(Records from a collection)
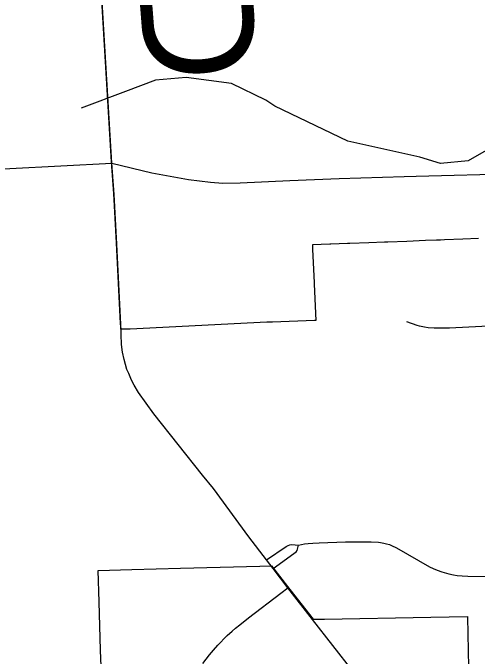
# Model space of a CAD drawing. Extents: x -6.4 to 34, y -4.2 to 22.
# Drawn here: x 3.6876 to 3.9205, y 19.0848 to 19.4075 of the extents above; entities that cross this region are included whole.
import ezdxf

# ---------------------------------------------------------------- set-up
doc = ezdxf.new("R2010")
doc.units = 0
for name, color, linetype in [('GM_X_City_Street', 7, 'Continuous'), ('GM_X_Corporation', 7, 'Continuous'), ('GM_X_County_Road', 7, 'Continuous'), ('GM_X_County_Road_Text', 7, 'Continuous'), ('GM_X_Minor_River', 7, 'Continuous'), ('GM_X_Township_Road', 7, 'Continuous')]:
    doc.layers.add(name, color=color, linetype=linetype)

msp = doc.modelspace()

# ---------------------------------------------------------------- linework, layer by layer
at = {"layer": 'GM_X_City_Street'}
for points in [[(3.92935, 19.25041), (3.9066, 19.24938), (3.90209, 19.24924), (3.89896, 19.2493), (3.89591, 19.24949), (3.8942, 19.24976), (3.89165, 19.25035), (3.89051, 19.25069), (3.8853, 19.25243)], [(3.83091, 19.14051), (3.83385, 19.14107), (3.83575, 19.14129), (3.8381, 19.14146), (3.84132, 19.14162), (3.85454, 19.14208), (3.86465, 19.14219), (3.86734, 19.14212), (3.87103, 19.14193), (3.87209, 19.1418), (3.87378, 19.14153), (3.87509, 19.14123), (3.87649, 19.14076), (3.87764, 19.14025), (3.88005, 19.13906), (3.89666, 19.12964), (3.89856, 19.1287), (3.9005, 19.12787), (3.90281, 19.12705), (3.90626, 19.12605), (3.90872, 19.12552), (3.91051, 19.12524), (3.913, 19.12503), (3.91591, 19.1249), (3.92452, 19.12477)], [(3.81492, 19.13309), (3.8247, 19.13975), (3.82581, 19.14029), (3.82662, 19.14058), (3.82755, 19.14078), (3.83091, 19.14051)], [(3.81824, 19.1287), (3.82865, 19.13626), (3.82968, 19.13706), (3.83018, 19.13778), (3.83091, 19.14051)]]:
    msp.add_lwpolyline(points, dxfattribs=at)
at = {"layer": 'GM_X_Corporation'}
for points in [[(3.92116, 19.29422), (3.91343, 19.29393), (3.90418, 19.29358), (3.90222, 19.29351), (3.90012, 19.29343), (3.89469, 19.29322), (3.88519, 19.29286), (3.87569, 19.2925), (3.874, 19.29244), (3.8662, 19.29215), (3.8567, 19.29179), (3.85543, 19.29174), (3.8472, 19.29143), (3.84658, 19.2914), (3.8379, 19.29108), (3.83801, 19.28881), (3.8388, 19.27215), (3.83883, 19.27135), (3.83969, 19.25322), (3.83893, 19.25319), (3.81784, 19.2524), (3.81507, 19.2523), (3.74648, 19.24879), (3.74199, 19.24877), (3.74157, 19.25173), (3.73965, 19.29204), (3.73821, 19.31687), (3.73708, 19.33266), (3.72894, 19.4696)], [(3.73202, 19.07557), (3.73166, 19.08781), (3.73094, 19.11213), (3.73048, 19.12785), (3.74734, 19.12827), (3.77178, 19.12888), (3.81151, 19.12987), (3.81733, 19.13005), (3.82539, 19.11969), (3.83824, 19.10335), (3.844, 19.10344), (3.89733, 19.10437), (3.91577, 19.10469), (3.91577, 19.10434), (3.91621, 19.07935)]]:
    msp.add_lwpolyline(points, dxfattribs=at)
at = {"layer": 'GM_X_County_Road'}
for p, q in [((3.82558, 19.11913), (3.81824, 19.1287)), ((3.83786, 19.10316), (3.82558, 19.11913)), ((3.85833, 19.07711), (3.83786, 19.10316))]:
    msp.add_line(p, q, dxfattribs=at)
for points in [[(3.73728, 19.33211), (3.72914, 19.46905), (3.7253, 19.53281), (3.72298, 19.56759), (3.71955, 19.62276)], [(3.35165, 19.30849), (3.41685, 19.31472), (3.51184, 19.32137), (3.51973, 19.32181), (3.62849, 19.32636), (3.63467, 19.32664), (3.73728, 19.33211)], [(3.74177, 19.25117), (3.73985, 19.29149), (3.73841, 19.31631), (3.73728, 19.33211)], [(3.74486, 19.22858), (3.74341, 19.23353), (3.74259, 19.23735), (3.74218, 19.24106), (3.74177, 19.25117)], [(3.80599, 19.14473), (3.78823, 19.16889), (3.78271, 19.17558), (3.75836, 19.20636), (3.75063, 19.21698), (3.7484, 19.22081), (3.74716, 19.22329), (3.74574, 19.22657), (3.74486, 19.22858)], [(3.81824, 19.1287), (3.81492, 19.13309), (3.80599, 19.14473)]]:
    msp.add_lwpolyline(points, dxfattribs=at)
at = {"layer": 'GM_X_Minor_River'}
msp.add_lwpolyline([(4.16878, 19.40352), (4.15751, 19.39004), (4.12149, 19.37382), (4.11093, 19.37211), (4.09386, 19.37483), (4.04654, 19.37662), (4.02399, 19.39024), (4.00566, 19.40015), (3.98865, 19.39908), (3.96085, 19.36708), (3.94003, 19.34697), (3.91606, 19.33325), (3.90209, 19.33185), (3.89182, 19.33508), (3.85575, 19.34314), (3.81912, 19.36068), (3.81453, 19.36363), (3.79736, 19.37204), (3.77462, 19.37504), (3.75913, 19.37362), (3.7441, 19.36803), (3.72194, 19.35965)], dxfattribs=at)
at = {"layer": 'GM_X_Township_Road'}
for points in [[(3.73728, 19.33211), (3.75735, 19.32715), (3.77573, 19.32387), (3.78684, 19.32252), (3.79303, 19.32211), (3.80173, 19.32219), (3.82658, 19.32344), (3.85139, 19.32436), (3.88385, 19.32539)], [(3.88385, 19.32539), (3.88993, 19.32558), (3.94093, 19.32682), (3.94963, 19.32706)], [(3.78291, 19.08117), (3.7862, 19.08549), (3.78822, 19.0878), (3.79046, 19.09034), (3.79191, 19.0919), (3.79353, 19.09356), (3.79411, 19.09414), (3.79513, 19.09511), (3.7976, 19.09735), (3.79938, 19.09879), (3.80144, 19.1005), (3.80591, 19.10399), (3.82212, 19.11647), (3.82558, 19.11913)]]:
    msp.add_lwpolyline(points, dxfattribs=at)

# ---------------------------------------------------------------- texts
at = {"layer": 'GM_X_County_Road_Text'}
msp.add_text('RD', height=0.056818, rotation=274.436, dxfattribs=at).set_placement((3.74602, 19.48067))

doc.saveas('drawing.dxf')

• **Task statement**
For every record above, repeat the text exactly and omit any picture.

• **Solution to the exercise**
# Model space of a CAD drawing. Extents: x -6.4 to 34, y -4.2 to 22.
# Drawn here: x 3.6876 to 3.9205, y 19.0848 to 19.4075 of the extents above; entities that cross this region are included whole.
import ezdxf

# ---------------------------------------------------------------- set-up
doc = ezdxf.new("R2010")
doc.units = 0
for name, color, linetype in [('GM_X_City_Street', 7, 'Continuous'), ('GM_X_Corporation', 7, 'Continuous'), ('GM_X_County_Road', 7, 'Continuous'), ('GM_X_County_Road_Text', 7, 'Continuous'), ('GM_X_Minor_River', 7, 'Continuous'), ('GM_X_Township_Road', 7, 'Continuous')]:
    doc.layers.add(name, color=color, linetype=linetype)

msp = doc.modelspace()

# ---------------------------------------------------------------- linework, layer by layer
at = {"layer": 'GM_X_City_Street'}
for points in [[(3.92935, 19.25041), (3.9066, 19.24938), (3.90209, 19.24924), (3.89896, 19.2493), (3.89591, 19.24949), (3.8942, 19.24976), (3.89165, 19.25035), (3.89051, 19.25069), (3.8853, 19.25243)], [(3.83091, 19.14051), (3.83385, 19.14107), (3.83575, 19.14129), (3.8381, 19.14146), (3.84132, 19.14162), (3.85454, 19.14208), (3.86465, 19.14219), (3.86734, 19.14212), (3.87103, 19.14193), (3.87209, 19.1418), (3.87378, 19.14153), (3.87509, 19.14123), (3.87649, 19.14076), (3.87764, 19.14025), (3.88005, 19.13906), (3.89666, 19.12964), (3.89856, 19.1287), (3.9005, 19.12787), (3.90281, 19.12705), (3.90626, 19.12605), (3.90872, 19.12552), (3.91051, 19.12524), (3.913, 19.12503), (3.91591, 19.1249), (3.92452, 19.12477)], [(3.81492, 19.13309), (3.8247, 19.13975), (3.82581, 19.14029), (3.82662, 19.14058), (3.82755, 19.14078), (3.83091, 19.14051)], [(3.81824, 19.1287), (3.82865, 19.13626), (3.82968, 19.13706), (3.83018, 19.13778), (3.83091, 19.14051)]]:
    msp.add_lwpolyline(points, dxfattribs=at)
at = {"layer": 'GM_X_Corporation'}
for points in [[(3.92116, 19.29422), (3.91343, 19.29393), (3.90418, 19.29358), (3.90222, 19.29351), (3.90012, 19.29343), (3.89469, 19.29322), (3.88519, 19.29286), (3.87569, 19.2925), (3.874, 19.29244), (3.8662, 19.29215), (3.8567, 19.29179), (3.85543, 19.29174), (3.8472, 19.29143), (3.84658, 19.2914), (3.8379, 19.29108), (3.83801, 19.28881), (3.8388, 19.27215), (3.83883, 19.27135), (3.83969, 19.25322), (3.83893, 19.25319), (3.81784, 19.2524), (3.81507, 19.2523), (3.74648, 19.24879), (3.74199, 19.24877), (3.74157, 19.25173), (3.73965, 19.29204), (3.73821, 19.31687), (3.73708, 19.33266), (3.72894, 19.4696)], [(3.73202, 19.07557), (3.73166, 19.08781), (3.73094, 19.11213), (3.73048, 19.12785), (3.74734, 19.12827), (3.77178, 19.12888), (3.81151, 19.12987), (3.81733, 19.13005), (3.82539, 19.11969), (3.83824, 19.10335), (3.844, 19.10344), (3.89733, 19.10437), (3.91577, 19.10469), (3.91577, 19.10434), (3.91621, 19.07935)]]:
    msp.add_lwpolyline(points, dxfattribs=at)
at = {"layer": 'GM_X_County_Road'}
for p, q in [((3.82558, 19.11913), (3.81824, 19.1287)), ((3.83786, 19.10316), (3.82558, 19.11913)), ((3.85833, 19.07711), (3.83786, 19.10316))]:
    msp.add_line(p, q, dxfattribs=at)
for points in [[(3.73728, 19.33211), (3.72914, 19.46905), (3.7253, 19.53281), (3.72298, 19.56759), (3.71955, 19.62276)], [(3.35165, 19.30849), (3.41685, 19.31472), (3.51184, 19.32137), (3.51973, 19.32181), (3.62849, 19.32636), (3.63467, 19.32664), (3.73728, 19.33211)], [(3.74177, 19.25117), (3.73985, 19.29149), (3.73841, 19.31631), (3.73728, 19.33211)], [(3.74486, 19.22858), (3.74341, 19.23353), (3.74259, 19.23735), (3.74218, 19.24106), (3.74177, 19.25117)], [(3.80599, 19.14473), (3.78823, 19.16889), (3.78271, 19.17558), (3.75836, 19.20636), (3.75063, 19.21698), (3.7484, 19.22081), (3.74716, 19.22329), (3.74574, 19.22657), (3.74486, 19.22858)], [(3.81824, 19.1287), (3.81492, 19.13309), (3.80599, 19.14473)]]:
    msp.add_lwpolyline(points, dxfattribs=at)
at = {"layer": 'GM_X_Minor_River'}
msp.add_lwpolyline([(4.16878, 19.40352), (4.15751, 19.39004), (4.12149, 19.37382), (4.11093, 19.37211), (4.09386, 19.37483), (4.04654, 19.37662), (4.02399, 19.39024), (4.00566, 19.40015), (3.98865, 19.39908), (3.96085, 19.36708), (3.94003, 19.34697), (3.91606, 19.33325), (3.90209, 19.33185), (3.89182, 19.33508), (3.85575, 19.34314), (3.81912, 19.36068), (3.81453, 19.36363), (3.79736, 19.37204), (3.77462, 19.37504), (3.75913, 19.37362), (3.7441, 19.36803), (3.72194, 19.35965)], dxfattribs=at)
at = {"layer": 'GM_X_Township_Road'}
for points in [[(3.73728, 19.33211), (3.75735, 19.32715), (3.77573, 19.32387), (3.78684, 19.32252), (3.79303, 19.32211), (3.80173, 19.32219), (3.82658, 19.32344), (3.85139, 19.32436), (3.88385, 19.32539)], [(3.88385, 19.32539), (3.88993, 19.32558), (3.94093, 19.32682), (3.94963, 19.32706)], [(3.78291, 19.08117), (3.7862, 19.08549), (3.78822, 19.0878), (3.79046, 19.09034), (3.79191, 19.0919), (3.79353, 19.09356), (3.79411, 19.09414), (3.79513, 19.09511), (3.7976, 19.09735), (3.79938, 19.09879), (3.80144, 19.1005), (3.80591, 19.10399), (3.82212, 19.11647), (3.82558, 19.11913)]]:
    msp.add_lwpolyline(points, dxfattribs=at)

# ---------------------------------------------------------------- texts
at = {"layer": 'GM_X_County_Road_Text'}
msp.add_text('RD', height=0.056818, rotation=274.436, dxfattribs=at).set_placement((3.74602, 19.48067))

doc.saveas('drawing.dxf')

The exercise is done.